Indemnification by Us: We will defend you against any third-party claims alleging that your use of our Services, in compliance with this Agreement, infringes or misappropriates the third party’s intellectual property rights (“Claim Against You”). We will indemnify you for any damages, legal fees, or costs awarded against you or agreed upon in a court-approved settlement, provided that you: (a) promptly (within 10 calendar days of receipt of a claim) notify us in writing of the Claim Against You, (b) grant us sole control over the defense and settlement (we will not settle without your full release of liability), and
(c) provide reasonable assistance at our expense.  If we receive notice of an infringement claim regarding the Services, we may, at our discretion and at no cost to you:  (i) modify the Services to avoid infringement, (ii) secure a license for your continued use, or (iii) terminate the applicable Services with 30 days' notice and refund any unused prepaid fees. These obligations do not apply if the claim arises from your data, third-party services, or breach of this Agreement.

Indemnification by You: You will defend us against any third-party claims alleging that your data, or your use of the Services in violation of this Agreement, infringes intellectual property rights or violates applicable law (“Claim Against Us”), and for any costs or fees that occur as the result of your breach of this Agreement. You will indemnify us for damages, legal fees, or costs awarded or agreed upon in a court-approved settlement, provided that we: (a) notify you in writing of the Claim Against Us, (b) grant you sole control over the defense and settlement (you will not settle without our full release of liability), and (c) provide reasonable assistance at your expense.

Exclusive Remedy: This section represents the sole obligation of the indemnifying party and the exclusive remedy of the indemnified party for claims covered under this provision.

DISCLAIMERS; LIMITATION OF LIABILITY

The Services are provided "as is" and "as available." ConsentConfirmation, its affiliates, licensors, and suppliers disclaim all express or implied warranties, including, but not limited to, merchantability, fitness for a particular purpose, non-infringement, and uninterrupted or error-free operation. We do not guarantee the availability of the Services in your location or compatibility with your equipment.
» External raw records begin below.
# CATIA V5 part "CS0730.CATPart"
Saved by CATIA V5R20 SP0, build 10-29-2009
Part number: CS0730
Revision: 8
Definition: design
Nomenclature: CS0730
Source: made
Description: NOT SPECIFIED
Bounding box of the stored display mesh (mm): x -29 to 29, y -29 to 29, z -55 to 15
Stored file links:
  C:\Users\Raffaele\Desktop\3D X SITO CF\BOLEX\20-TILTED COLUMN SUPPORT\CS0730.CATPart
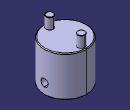
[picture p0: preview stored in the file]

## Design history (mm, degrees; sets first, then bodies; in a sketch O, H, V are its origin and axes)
Body1 "MANIFOLD_SOLID_BREP #715" (main body)
  Solid1: solid without history
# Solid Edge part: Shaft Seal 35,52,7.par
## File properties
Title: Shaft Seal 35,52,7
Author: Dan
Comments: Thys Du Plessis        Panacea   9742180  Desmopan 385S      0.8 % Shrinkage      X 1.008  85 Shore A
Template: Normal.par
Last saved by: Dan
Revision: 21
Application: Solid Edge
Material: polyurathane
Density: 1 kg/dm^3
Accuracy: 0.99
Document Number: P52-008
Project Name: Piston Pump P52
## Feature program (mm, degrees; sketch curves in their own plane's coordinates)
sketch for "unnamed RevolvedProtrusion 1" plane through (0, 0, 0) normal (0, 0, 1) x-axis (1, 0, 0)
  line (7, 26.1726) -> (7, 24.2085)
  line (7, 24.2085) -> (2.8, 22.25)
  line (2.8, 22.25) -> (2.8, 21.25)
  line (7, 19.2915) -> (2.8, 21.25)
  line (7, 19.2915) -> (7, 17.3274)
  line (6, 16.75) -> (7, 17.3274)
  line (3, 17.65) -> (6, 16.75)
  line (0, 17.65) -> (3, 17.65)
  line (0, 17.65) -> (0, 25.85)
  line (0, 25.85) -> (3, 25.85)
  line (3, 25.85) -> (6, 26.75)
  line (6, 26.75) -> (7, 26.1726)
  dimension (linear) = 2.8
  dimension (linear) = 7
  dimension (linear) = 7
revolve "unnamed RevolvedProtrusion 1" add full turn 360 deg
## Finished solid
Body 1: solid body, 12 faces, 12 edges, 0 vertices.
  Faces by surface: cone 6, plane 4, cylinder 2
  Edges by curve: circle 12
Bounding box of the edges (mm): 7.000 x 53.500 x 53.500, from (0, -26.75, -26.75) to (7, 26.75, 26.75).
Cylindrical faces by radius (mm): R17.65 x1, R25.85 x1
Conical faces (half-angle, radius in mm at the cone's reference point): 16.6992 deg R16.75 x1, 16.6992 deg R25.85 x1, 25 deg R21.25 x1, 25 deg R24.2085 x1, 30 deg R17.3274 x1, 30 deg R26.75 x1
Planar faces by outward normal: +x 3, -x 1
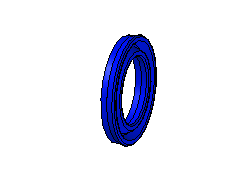
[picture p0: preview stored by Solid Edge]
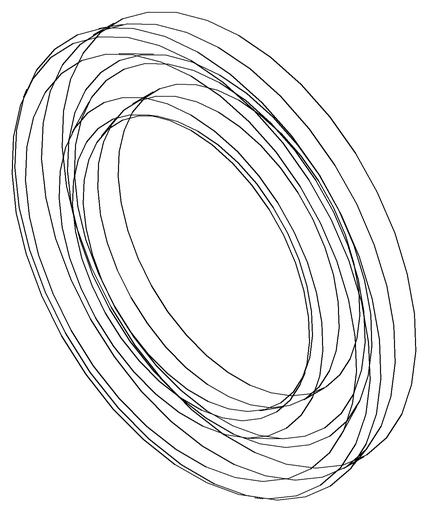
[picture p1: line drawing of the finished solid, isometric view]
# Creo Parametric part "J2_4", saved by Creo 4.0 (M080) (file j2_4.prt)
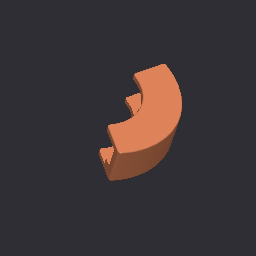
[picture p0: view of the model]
Units: Inch lbm Second (Pro/E Default); INCH, POUND, SECS

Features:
  1. datum plane "DTM1"
  2. datum plane "DTM2"
  3. datum plane "DTM3"
  4. datum axis
  5. protrusion
  6. round
  7. datum plane "DTM7"
  8. cut
  9. pattern
  10. protrusion
  11. protrusion
  12. round
  13. round
  14. datum plane "DTM5"
  15. protrusion
  16. datum plane "DTM6"
  17. cut

Other named items: WHEEL_AXIS

Layers: BASE_DAT

Surfaces: 17 cylinder, 14 torus, 10 plane
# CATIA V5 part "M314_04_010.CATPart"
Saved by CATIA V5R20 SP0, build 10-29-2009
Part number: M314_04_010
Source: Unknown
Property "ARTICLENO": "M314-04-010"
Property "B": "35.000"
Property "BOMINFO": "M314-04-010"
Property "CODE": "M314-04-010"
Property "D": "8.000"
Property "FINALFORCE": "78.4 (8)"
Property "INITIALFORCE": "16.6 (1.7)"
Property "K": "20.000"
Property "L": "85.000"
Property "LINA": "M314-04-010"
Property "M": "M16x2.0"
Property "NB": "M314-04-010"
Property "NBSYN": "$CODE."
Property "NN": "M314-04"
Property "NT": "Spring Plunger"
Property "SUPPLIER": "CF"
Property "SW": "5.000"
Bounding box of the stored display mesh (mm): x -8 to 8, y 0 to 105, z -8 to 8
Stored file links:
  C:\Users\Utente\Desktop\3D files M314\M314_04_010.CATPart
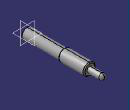
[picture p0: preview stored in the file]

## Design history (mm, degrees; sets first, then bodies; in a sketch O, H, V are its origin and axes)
Body1 "Geometry.1" (main body)
  Solid1 "M314_04_010.catpart": solid without history

ConsentConfirmation is not liable for indirect, special, incidental, or consequential damages, including loss of data, profits, or revenue, regardless of the cause of action, even if advised of the possibility of such damages. In no event will our total liability exceed the fees paid by you under the relevant Order Form.

 


 

GENERAL PROVISIONS

  1. Obligations related to representations, indemnification, and liability survive termination.
  2. Neither party is liable for delays or failures caused by circumstances beyond reasonable control (e.g., natural disasters, governmental actions).
  3. You may not transfer this Agreement without our consent; we may assign it freely.
  4. Waivers of terms are not enforceable unless in writing.
  5. If any provision is deemed invalid, remaining terms remain in effect.
  6. The parties are independent contractors with no authority to bind one another.
  7. This Agreement benefits only the parties and their successors; third-party rights are excluded.